Word for word, repeat the entries, minus the pictures.

Supplied material Start Marker

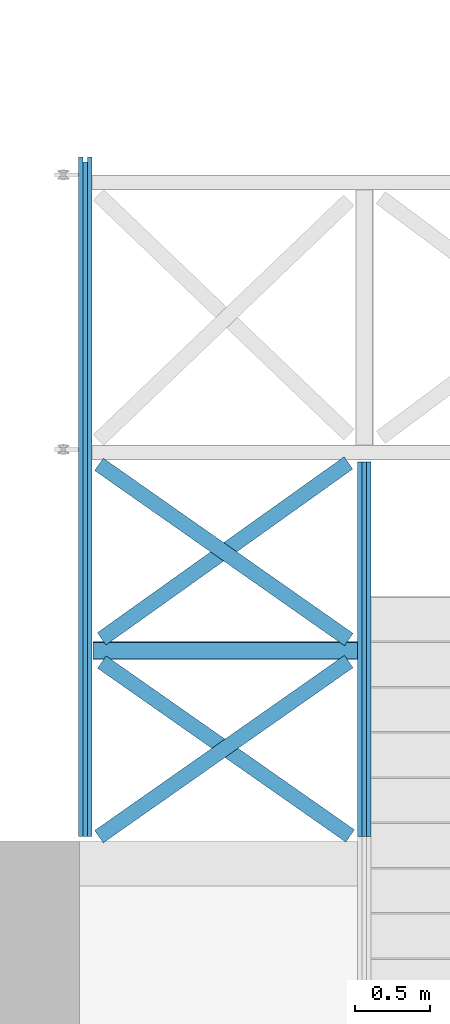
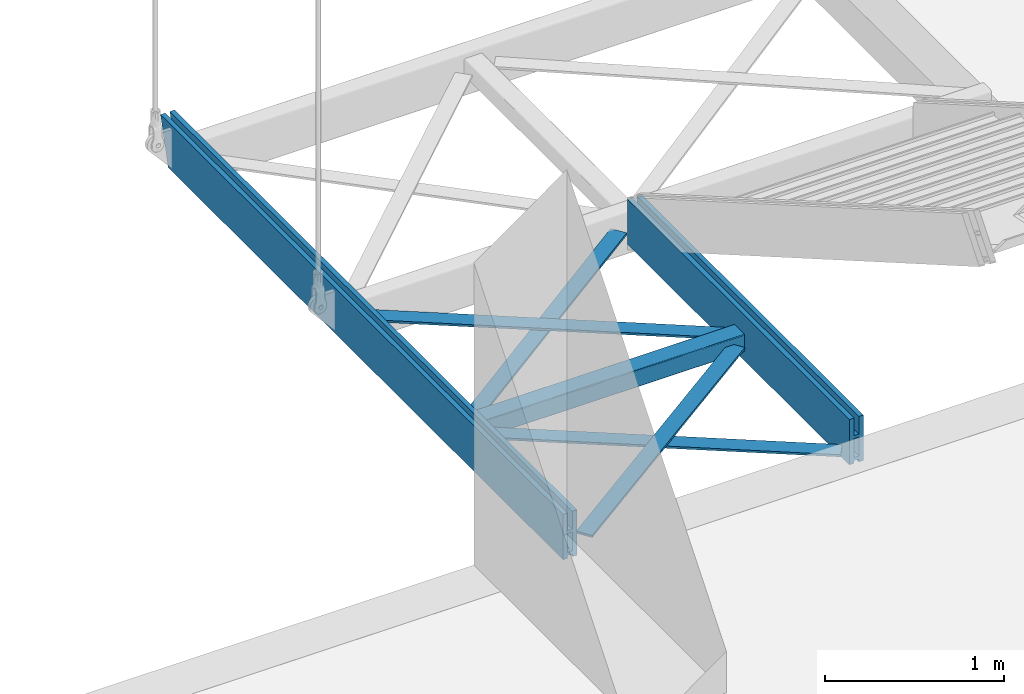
# One storey, part 15 of 34: 7 beams.
"""IFC2X3 building model written with IfcOpenShell, lengths in millimetres."""

import ifcopenshell
import ifcopenshell.guid

model = None  # the IFC model being written
_history = None  # IfcOwnerHistory: only IFC2X3 demands one
_inside = {}  # id of a spatial element -> (the spatial element, [elements in it])
_under = {}  # id of a project, library or spatial element -> (it, [spatial elements below it])
_declared = {}  # id of a project -> (the project, [libraries it declares])
_typed = {}  # id of a type object -> (the type object, [elements of that type])
_made_of = {}  # id of a material, layer set ... -> (it, [elements and type objects made of it])


def new_model(schema):
    """Start an empty IFC model of exactly this schema.

    Asked for "IFC4X3", IfcOpenShell would pick the latest addendum, in which some entities
    have other attributes; the version numbers below select the first issue.
    IFC2X3 requires an IfcOwnerHistory on every rooted entity: one is made here for all.
    """
    global model, _history
    if schema == "IFC4X3":
        model = ifcopenshell.file(schema_version=(4, 3, 0, 0))
    else:
        model = ifcopenshell.file(schema=schema)
    _inside.clear()
    _under.clear()
    _declared.clear()
    _typed.clear()
    _made_of.clear()
    _history = None
    if model.schema == "IFC2X3":
        org = make("IfcOrganization", Name="unknown")
        user = make(
            "IfcPersonAndOrganization",
            ThePerson=make("IfcPerson", FamilyName="unknown"),
            TheOrganization=org,
        )
        app = make(
            "IfcApplication",
            ApplicationDeveloper=org,
            Version="unknown",
            ApplicationFullName="unknown",
            ApplicationIdentifier="unknown",
        )
        _history = make(
            "IfcOwnerHistory",
            OwningUser=user,
            OwningApplication=app,
            ChangeAction="ADDED",
            CreationDate=0,
        )
    return model


def make(cls, **values):
    """One entity of the class cls with the attributes given. An attribute that is None is left unset."""
    return model.create_entity(
        cls, **{name: value for name, value in values.items() if value is not None}
    )


def entity(cls, *values):
    """Any entity or typed value of the class cls, its attributes in the order of the schema. None: left unset."""
    e = model.create_entity(cls)
    for i, value in enumerate(values):
        if value is not None:
            e[i] = value
    return e


def rooted(cls, **values):
    """An entity with a GlobalId (a new one), such as an element, a storey or a relation."""
    return make(cls, GlobalId=ifcopenshell.guid.new(), OwnerHistory=_history, **values)


def si_unit(unit_type, name, prefix=None):
    """IfcSIUnit, for example si_unit("LENGTHUNIT", "METRE", prefix="MILLI")."""
    return make("IfcSIUnit", UnitType=unit_type, Prefix=prefix, Name=name)


def converted_unit(unit_type, name, factor, base, dimensions=None, offset=None):
    """IfcConversionBasedUnit, such as the inch: factor (a typed value) times the base unit."""
    return make(
        "IfcConversionBasedUnit"
        if offset is None
        else "IfcConversionBasedUnitWithOffset",
        ConversionOffset=offset,
        Dimensions=None
        if dimensions is None
        else entity("IfcDimensionalExponents", *dimensions),
        UnitType=unit_type,
        Name=name,
        ConversionFactor=make(
            "IfcMeasureWithUnit", ValueComponent=factor, UnitComponent=base
        ),
    )


def derived_unit(unit_type, elements):
    """IfcDerivedUnit: a product of units, each with its exponent."""
    return make(
        "IfcDerivedUnit",
        Elements=[
            make("IfcDerivedUnitElement", Unit=unit, Exponent=power)
            for unit, power in elements
        ],
        UnitType=unit_type,
    )


def assignment(units):
    """IfcUnitAssignment: the units of a project."""
    return None if units is None else make("IfcUnitAssignment", Units=units)


def point(xyz):
    """IfcCartesianPoint."""
    return None if xyz is None else make("IfcCartesianPoint", Coordinates=xyz)


def direction(xyz):
    """IfcDirection."""
    return None if xyz is None else make("IfcDirection", DirectionRatios=xyz)


def frame(location, z_axis=None, x_axis=None):
    """IfcAxis2Placement3D, a coordinate frame: its origin and axes. An axis left out is left unset."""
    return make(
        "IfcAxis2Placement3D",
        Location=point(location),
        Axis=direction(z_axis),
        RefDirection=direction(x_axis),
    )


def frame_2d(location, x_axis=None):
    """IfcAxis2Placement2D, a coordinate frame in the plane: its origin and x axis."""
    return make(
        "IfcAxis2Placement2D", Location=point(location), RefDirection=direction(x_axis)
    )


def origin():
    """The frame at (0, 0, 0) with its axes left unset."""
    return frame((0.0, 0.0, 0.0))


def place(relative_to, where):
    """IfcLocalPlacement: puts the frame where relative to a parent placement (None: the world)."""
    return make(
        "IfcLocalPlacement", PlacementRelTo=relative_to, RelativePlacement=where
    )


def context(
    kind, dimensions, precision=None, world=None, true_north=None, identifier=None
):
    """IfcGeometricRepresentationContext, for example the 3D "Model" context."""
    return make(
        "IfcGeometricRepresentationContext",
        ContextIdentifier=identifier,
        ContextType=kind,
        CoordinateSpaceDimension=dimensions,
        Precision=precision,
        WorldCoordinateSystem=world,
        TrueNorth=true_north,
    )


def subcontext(parent, identifier, kind, view, scale=None):
    """IfcGeometricRepresentationSubContext, for example "Body" below "Model"."""
    return make(
        "IfcGeometricRepresentationSubContext",
        ContextIdentifier=identifier,
        ContextType=kind,
        ParentContext=parent,
        TargetScale=scale,
        TargetView=view,
    )


def project(units=None, contexts=None):
    """IfcProject with its units and contexts."""
    return rooted(
        "IfcProject",
        Name="project",
        RepresentationContexts=contexts,
        UnitsInContext=assignment(units),
    )


def spatial(cls, under=None, at=None, **own):
    """A site, building, storey or space (cls), placed at a placement, below another one or the project."""
    s = rooted(cls, ObjectPlacement=at, **own)
    if under is not None:
        _under.setdefault(under.id(), (under, []))[1].append(s)
    return s


def polyline(points):
    """IfcPolyline through the points."""
    return make("IfcPolyline", Points=[point(p) for p in points])


def circle_curve(where, radius):
    """IfcCircle in the frame where."""
    return make("IfcCircle", Position=where, Radius=radius)


def parameter(value):
    """IfcParameterValue: where a trimmed curve begins or ends, as a parameter of its basis curve."""
    return model.create_entity("IfcParameterValue", value)


def trimmed(basis, trim1, trim2, sense, master):
    """IfcTrimmedCurve: the piece of a basis curve between two trims."""
    return make(
        "IfcTrimmedCurve",
        BasisCurve=basis,
        Trim1=trim1,
        Trim2=trim2,
        SenseAgreement=sense,
        MasterRepresentation=master,
    )


def segment(curve, same_sense, transition):
    """IfcCompositeCurveSegment."""
    return make(
        "IfcCompositeCurveSegment",
        Transition=transition,
        SameSense=same_sense,
        ParentCurve=curve,
    )


def composite_curve(segments, self_intersect=None):
    """IfcCompositeCurve: segments joined end to end."""
    return make("IfcCompositeCurve", Segments=segments, SelfIntersect=self_intersect)


def profile(cls, at=None, kind="AREA", **sizes):
    """A parametric profile (cls). Its sizes go by their IFC names, for example OverallWidth=200.0."""
    return make(cls, ProfileType=kind, Position=at, **sizes)


def rectangle(**sizes):
    """IfcRectangleProfileDef."""
    return profile("IfcRectangleProfileDef", **sizes)


def outline(outer, holes=None, kind="AREA"):
    """IfcArbitraryClosedProfileDef: a profile drawn as a closed curve; with holes, ...WithVoids."""
    if holes is None:
        return make("IfcArbitraryClosedProfileDef", ProfileType=kind, OuterCurve=outer)
    return make(
        "IfcArbitraryProfileDefWithVoids",
        ProfileType=kind,
        OuterCurve=outer,
        InnerCurves=holes,
    )


def extrude(swept, where, along, depth):
    """IfcExtrudedAreaSolid: the profile swept, set in the frame where, extruded along a direction by depth."""
    return make(
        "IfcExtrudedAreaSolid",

Supplied material End Marker

Finished exercise:
# One storey, part 15 of 34: 7 beams.
"""IFC2X3 building model written with IfcOpenShell, lengths in millimetres."""

import ifcopenshell
import ifcopenshell.guid

model = None  # the IFC model being written
_history = None  # IfcOwnerHistory: only IFC2X3 demands one
_inside = {}  # id of a spatial element -> (the spatial element, [elements in it])
_under = {}  # id of a project, library or spatial element -> (it, [spatial elements below it])
_declared = {}  # id of a project -> (the project, [libraries it declares])
_typed = {}  # id of a type object -> (the type object, [elements of that type])
_made_of = {}  # id of a material, layer set ... -> (it, [elements and type objects made of it])


def new_model(schema):
    """Start an empty IFC model of exactly this schema.

    Asked for "IFC4X3", IfcOpenShell would pick the latest addendum, in which some entities
    have other attributes; the version numbers below select the first issue.
    IFC2X3 requires an IfcOwnerHistory on every rooted entity: one is made here for all.
    """
    global model, _history
    if schema == "IFC4X3":
        model = ifcopenshell.file(schema_version=(4, 3, 0, 0))
    else:
        model = ifcopenshell.file(schema=schema)
    _inside.clear()
    _under.clear()
    _declared.clear()
    _typed.clear()
    _made_of.clear()
    _history = None
    if model.schema == "IFC2X3":
        org = make("IfcOrganization", Name="unknown")
        user = make(
            "IfcPersonAndOrganization",
            ThePerson=make("IfcPerson", FamilyName="unknown"),
            TheOrganization=org,
        )
        app = make(
            "IfcApplication",
            ApplicationDeveloper=org,
            Version="unknown",
            ApplicationFullName="unknown",
            ApplicationIdentifier="unknown",
        )
        _history = make(
            "IfcOwnerHistory",
            OwningUser=user,
            OwningApplication=app,
            ChangeAction="ADDED",
            CreationDate=0,
        )
    return model


def make(cls, **values):
    """One entity of the class cls with the attributes given. An attribute that is None is left unset."""
    return model.create_entity(
        cls, **{name: value for name, value in values.items() if value is not None}
    )


def entity(cls, *values):
    """Any entity or typed value of the class cls, its attributes in the order of the schema. None: left unset."""
    e = model.create_entity(cls)
    for i, value in enumerate(values):
        if value is not None:
            e[i] = value
    return e


def rooted(cls, **values):
    """An entity with a GlobalId (a new one), such as an element, a storey or a relation."""
    return make(cls, GlobalId=ifcopenshell.guid.new(), OwnerHistory=_history, **values)


def si_unit(unit_type, name, prefix=None):
    """IfcSIUnit, for example si_unit("LENGTHUNIT", "METRE", prefix="MILLI")."""
    return make("IfcSIUnit", UnitType=unit_type, Prefix=prefix, Name=name)


def converted_unit(unit_type, name, factor, base, dimensions=None, offset=None):
    """IfcConversionBasedUnit, such as the inch: factor (a typed value) times the base unit."""
    return make(
        "IfcConversionBasedUnit"
        if offset is None
        else "IfcConversionBasedUnitWithOffset",
        ConversionOffset=offset,
        Dimensions=None
        if dimensions is None
        else entity("IfcDimensionalExponents", *dimensions),
        UnitType=unit_type,
        Name=name,
        ConversionFactor=make(
            "IfcMeasureWithUnit", ValueComponent=factor, UnitComponent=base
        ),
    )


def derived_unit(unit_type, elements):
    """IfcDerivedUnit: a product of units, each with its exponent."""
    return make(
        "IfcDerivedUnit",
        Elements=[
            make("IfcDerivedUnitElement", Unit=unit, Exponent=power)
            for unit, power in elements
        ],
        UnitType=unit_type,
    )


def assignment(units):
    """IfcUnitAssignment: the units of a project."""
    return None if units is None else make("IfcUnitAssignment", Units=units)


def point(xyz):
    """IfcCartesianPoint."""
    return None if xyz is None else make("IfcCartesianPoint", Coordinates=xyz)


def direction(xyz):
    """IfcDirection."""
    return None if xyz is None else make("IfcDirection", DirectionRatios=xyz)


def frame(location, z_axis=None, x_axis=None):
    """IfcAxis2Placement3D, a coordinate frame: its origin and axes. An axis left out is left unset."""
    return make(
        "IfcAxis2Placement3D",
        Location=point(location),
        Axis=direction(z_axis),
        RefDirection=direction(x_axis),
    )


def frame_2d(location, x_axis=None):
    """IfcAxis2Placement2D, a coordinate frame in the plane: its origin and x axis."""
    return make(
        "IfcAxis2Placement2D", Location=point(location), RefDirection=direction(x_axis)
    )


def origin():
    """The frame at (0, 0, 0) with its axes left unset."""
    return frame((0.0, 0.0, 0.0))


def place(relative_to, where):
    """IfcLocalPlacement: puts the frame where relative to a parent placement (None: the world)."""
    return make(
        "IfcLocalPlacement", PlacementRelTo=relative_to, RelativePlacement=where
    )


def context(
    kind, dimensions, precision=None, world=None, true_north=None, identifier=None
):
    """IfcGeometricRepresentationContext, for example the 3D "Model" context."""
    return make(
        "IfcGeometricRepresentationContext",
        ContextIdentifier=identifier,
        ContextType=kind,
        CoordinateSpaceDimension=dimensions,
        Precision=precision,
        WorldCoordinateSystem=world,
        TrueNorth=true_north,
    )


def subcontext(parent, identifier, kind, view, scale=None):
    """IfcGeometricRepresentationSubContext, for example "Body" below "Model"."""
    return make(
        "IfcGeometricRepresentationSubContext",
        ContextIdentifier=identifier,
        ContextType=kind,
        ParentContext=parent,
        TargetScale=scale,
        TargetView=view,
    )


def project(units=None, contexts=None):
    """IfcProject with its units and contexts."""
    return rooted(
        "IfcProject",
        Name="project",
        RepresentationContexts=contexts,
        UnitsInContext=assignment(units),
    )


def spatial(cls, under=None, at=None, **own):
    """A site, building, storey or space (cls), placed at a placement, below another one or the project."""
    s = rooted(cls, ObjectPlacement=at, **own)
    if under is not None:
        _under.setdefault(under.id(), (under, []))[1].append(s)
    return s


def polyline(points):
    """IfcPolyline through the points."""
    return make("IfcPolyline", Points=[point(p) for p in points])


def circle_curve(where, radius):
    """IfcCircle in the frame where."""
    return make("IfcCircle", Position=where, Radius=radius)


def parameter(value):
    """IfcParameterValue: where a trimmed curve begins or ends, as a parameter of its basis curve."""
    return model.create_entity("IfcParameterValue", value)


def trimmed(basis, trim1, trim2, sense, master):
    """IfcTrimmedCurve: the piece of a basis curve between two trims."""
    return make(
        "IfcTrimmedCurve",
        BasisCurve=basis,
        Trim1=trim1,
        Trim2=trim2,
        SenseAgreement=sense,
        MasterRepresentation=master,
    )


def segment(curve, same_sense, transition):
    """IfcCompositeCurveSegment."""
    return make(
        "IfcCompositeCurveSegment",
        Transition=transition,
        SameSense=same_sense,
        ParentCurve=curve,
    )


def composite_curve(segments, self_intersect=None):
    """IfcCompositeCurve: segments joined end to end."""
    return make("IfcCompositeCurve", Segments=segments, SelfIntersect=self_intersect)


def profile(cls, at=None, kind="AREA", **sizes):
    """A parametric profile (cls). Its sizes go by their IFC names, for example OverallWidth=200.0."""
    return make(cls, ProfileType=kind, Position=at, **sizes)


def rectangle(**sizes):
    """IfcRectangleProfileDef."""
    return profile("IfcRectangleProfileDef", **sizes)


def outline(outer, holes=None, kind="AREA"):
    """IfcArbitraryClosedProfileDef: a profile drawn as a closed curve; with holes, ...WithVoids."""
    if holes is None:
        return make("IfcArbitraryClosedProfileDef", ProfileType=kind, OuterCurve=outer)
    return make(
        "IfcArbitraryProfileDefWithVoids",
        ProfileType=kind,
        OuterCurve=outer,
        InnerCurves=holes,
    )


def extrude(swept, where, along, depth):
    """IfcExtrudedAreaSolid: the profile swept, set in the frame where, extruded along a direction by depth."""
    return make(
        "IfcExtrudedAreaSolid",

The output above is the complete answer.